Building relationships does not happen overnight, but trade fairs, expos, conferences and exhibitions can be good places to start liaising with potential suppliers, customers and partners. The more face-to-face, virtual or hybrid events you can attend will help you establish a strong presence in markets that you are entering, while also allowing your contacts to learn more about your company, ethos, values, conditions, products, and much more.
Another fantastic way to begin attracting the right types of customers, suppliers and partners – and building relationships with them – is to use digital platforms correctly. Specifically, in no particular order, invest in a professional website, high-quality branding, and develop a cohesive, solid marketing strategy for reaching customers online.
Furthermore, if you are selling highly technical or sophisticated products, ensure your digital platforms use professional imagery of them and their intricate details to ensure they are as ‘valuable’ as possible. Quite often, online consumers are drawn to eye-catching imagery, which can be taken with a reputable DSLR camera. Having a solid portfolio of images to use on your website and marketing materials will go a long way in promoting your products and increasing visibility in target markets.
Expand your knowledge of other regions and legislation
Another important strategy is to stay up-to-date with changes in regulations, laws, and taxes that may impact your exports. This can be a complex and time-consuming task, given the many geographies and regions that you may need to navigate. Exporters often find that expanding internationally poses challenges that they had not previously considered, such as economic, political, social, and cultural differences in the markets and regions they are entering.
To help with this, exporters can use digital tools, such as trade databases and online legal resources, to access information about regulations and taxes in different countries. They can also work with trade experts and consultants to ensure that they comply with all relevant regulations and laws, and to identify any potential risks and opportunities.
Enhance product development
Finally, exporters can improve their competitiveness by investing in the development of new products and services that meet the needs of their customers. This can help them stay ahead of the curve and respond to changing market trends and consumer preferences.

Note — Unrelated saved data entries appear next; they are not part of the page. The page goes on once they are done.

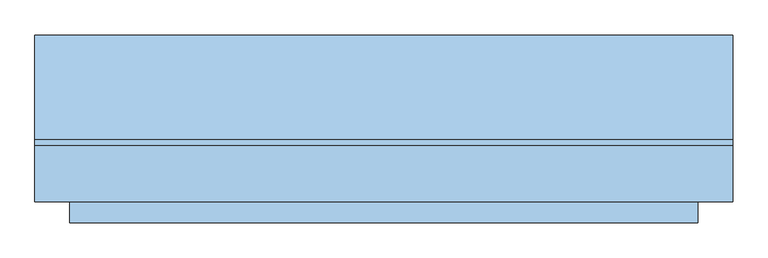
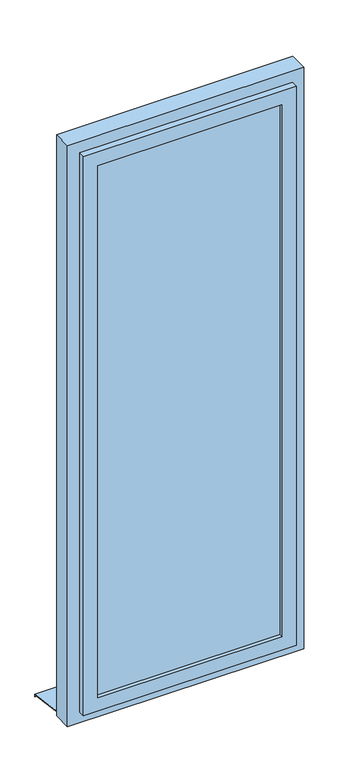
"""IFC4 building model written with IfcOpenShell, lengths in millimetres: window geometry, Fenstertür 1-flg : 1.80 x  1."""

from ifc_helpers import new_model, si_unit, frame, origin, place, context, project, spatial, polyline, outline, extrude, faceted_brep, source, transform, mapped, element, save


def window_4f3e8dcf(model_context):
    return source(origin(), model_context, "Body", "SolidModel", [
        extrude(outline(polyline([(2600.0, 500.0), (2600.0, -500.0), (0.0, -500.0), (0.0, 500.0), (2600.0, 500.0)]), holes=[polyline([(2520.0, 420.0), (80.0, 420.0), (80.0, -420.0), (2520.0, -420.0), (2520.0, 420.0)])]), frame((0.0, -58.6893832, 0.0), z_axis=(0.0, 1.0, 0.0), x_axis=(0.0, 0.0, 1.0)), (0.0, 0.0, 1.0), 80.0),
        faceted_brep([(450.0, -58.6893832, 2550.0), (450.0, -88.6893832, 2550.0), (450.0, -88.6893832, 50.0), (450.0, -58.6893832, 50.0), (-450.0, -88.6893832, 2550.0), (-450.0, -88.6893832, 50.0), (390.0, -88.6893832, 110.0), (-390.0, -88.6893832, 110.0), (-390.0, -88.6893832, 2490.0), (390.0, -88.6893832, 2490.0), (-450.0, -58.6893832, 50.0), (-450.0, -58.6893832, 2550.0), (420.0, -58.6893832, 2520.0), (-420.0, -58.6893832, 2520.0), (-420.0, -58.6893832, 80.0), (420.0, -58.6893832, 80.0), (420.0, -28.6893832, 2520.0), (420.0, -28.6893832, 80.0), (-420.0, -28.6893832, 80.0), (-420.0, -28.6893832, 2520.0), (390.0, -28.6893832, 2490.0), (-390.0, -28.6893832, 2490.0), (-390.0, -28.6893832, 110.0), (390.0, -28.6893832, 110.0)], [[[0, 1, 2, 3]], [[1, 4, 5, 2], [6, 7, 8, 9]], [[3, 2, 5, 10]], [[3, 10, 11, 0], [12, 13, 14, 15]], [[16, 12, 15, 17]], [[17, 15, 14, 18]], [[17, 18, 19, 16], [20, 21, 22, 23]], [[9, 20, 23, 6]], [[6, 23, 22, 7]], [[10, 5, 4, 11]], [[18, 14, 13, 19]], [[7, 22, 21, 8]], [[11, 4, 1, 0]], [[19, 13, 12, 16]], [[8, 21, 20, 9]]]),
        extrude(outline(polyline([(31.3327711, 20.0), (180.0, 0.0), (180.0, -10.0), (178.0, -10.0), (178.0, -1.6395366), (31.1346891, 18.0), (21.3106168, 18.0), (21.3106168, 20.0), (31.3327711, 20.0)])), frame((-500.0, 0.0, 0.0), z_axis=(1.0, 0.0, 0.0), x_axis=(0.0, 1.0, 0.0)), (0.0, 0.0, 1.0), 1000.0),
        extrude(outline(polyline([(390.0, -73.6893832), (-390.0, -73.6893832), (-390.0, -43.6893832), (390.0, -43.6893832), (390.0, -73.6893832)])), frame((0.0, 0.0, 110.0), z_axis=(0.0, 0.0, 1.0), x_axis=(1.0, 0.0, 0.0)), (0.0, 0.0, 1.0), 2380.0),
    ])


if __name__ == "__main__":
    model = new_model("IFC4")
    model_context = context("Model", 3, world=origin())
    ifc_project = project(units=[si_unit("LENGTHUNIT", "METRE", prefix="MILLI")], contexts=[model_context])
    site = spatial("IfcSite", under=ifc_project)
    building = spatial("IfcBuilding", under=site)
    placement = place(None, origin())
    window_shape = window_4f3e8dcf(model_context)
    element("IfcWindow", 1, ObjectType="Fenstertür 1-flg : 1.80 x  1", at=placement, inside=building, context=model_context, shape_type="MappedRepresentation", body=[
        mapped(window_shape, transform((0.0, 0.0, 0.0), x_axis=(1.0, 0.0, 0.0), y_axis=(0.0, 1.0, 0.0), z_axis=(0.0, 0.0, 1.0))),
    ])
    save(model, "model.ifc")

# Revit data of these elements
# Type "Fenstertür 1-flg : 1.80 x  1"
#   Type Mark = "73"
#   Operation = "SinglePanel"
#   Construction Type Id = "GSP4R"
#   Keynote = "16.05.01"
#   Analytic Construction = "1/8 Zoll Pilkington-Verglasung einfach"
#   Visual Light Transmittance = 0.9
#   Thermal Resistance (R) = 0.1491 (m²·K)/W
#   Solar Heat Gain Coefficient = 0.86
#   Rough Width = 1.000 m
#   Rough Height = 2.600 m
#   Heat Transfer Coefficient (U) = 6.7069 W/(m²·K)
#   Rahmentiefe = 0.080 m
#   Rahmenhöhe - unten = 0.080 m
#   Rahmenhöhe - oben = 0.080 m
#   Rahmenbreite = 0.080 m
#   Height = 2.600 m
#   Tiefe Flügel = 0.060 m
#   Flügelbreite = 0.060 m
#   Einbautiefe (von außen) [instance default] = 0.080 m
#   Width = 1.000 m
#   Kippflügel [instance default] = yes
#   Drehflügel im Grundriss darstellen [instance default] = yes
#   Drehflügel 1 [instance default] = yes
#   Rahmen 1 [instance default] = none
#   Glas [instance default] = none
#   Flügel [instance default] = none
#   Fensterbank Außenseite [instance default] = none
#   Wall Closure = (empty or 0)
# Element 1 (IfcWindow, "Fenstertür 1-flg : 1.80 x  1")
#   Einbautiefe (von außen) = 0.128689 m
#   Materials on its faces: "Kunststoff - Weiß", "Glas"
# Materials
#   "Kunststoff - Weiß": class "Kunststoff", colour RGB 249 249 249, transparency 0, Cost = 0
#   "Glas": class "Glas", colour RGB 0 0 255, transparency 0.75, Comments = "Render-Darstellung nicht aktualisiert ", Cost = 0

Investing in research and development can also help exporters develop new technologies and production processes, which can help to reduce costs, improve quality, and increase efficiency.
What’s the right way to outpace competition?
The short and concluding answer is that there is no right way, but equally, there is no wrong way either. Ultimately, your success as an exporter is down to the strategy or strategies that you implement collectively to push your business ahead of your competitors.
It’s important to remember you have access to plenty of digital supply chain tools, many of which are accessible from the comfort of your own home, which can lend a helping hand in your quest to branch out beyond your home country’s shores.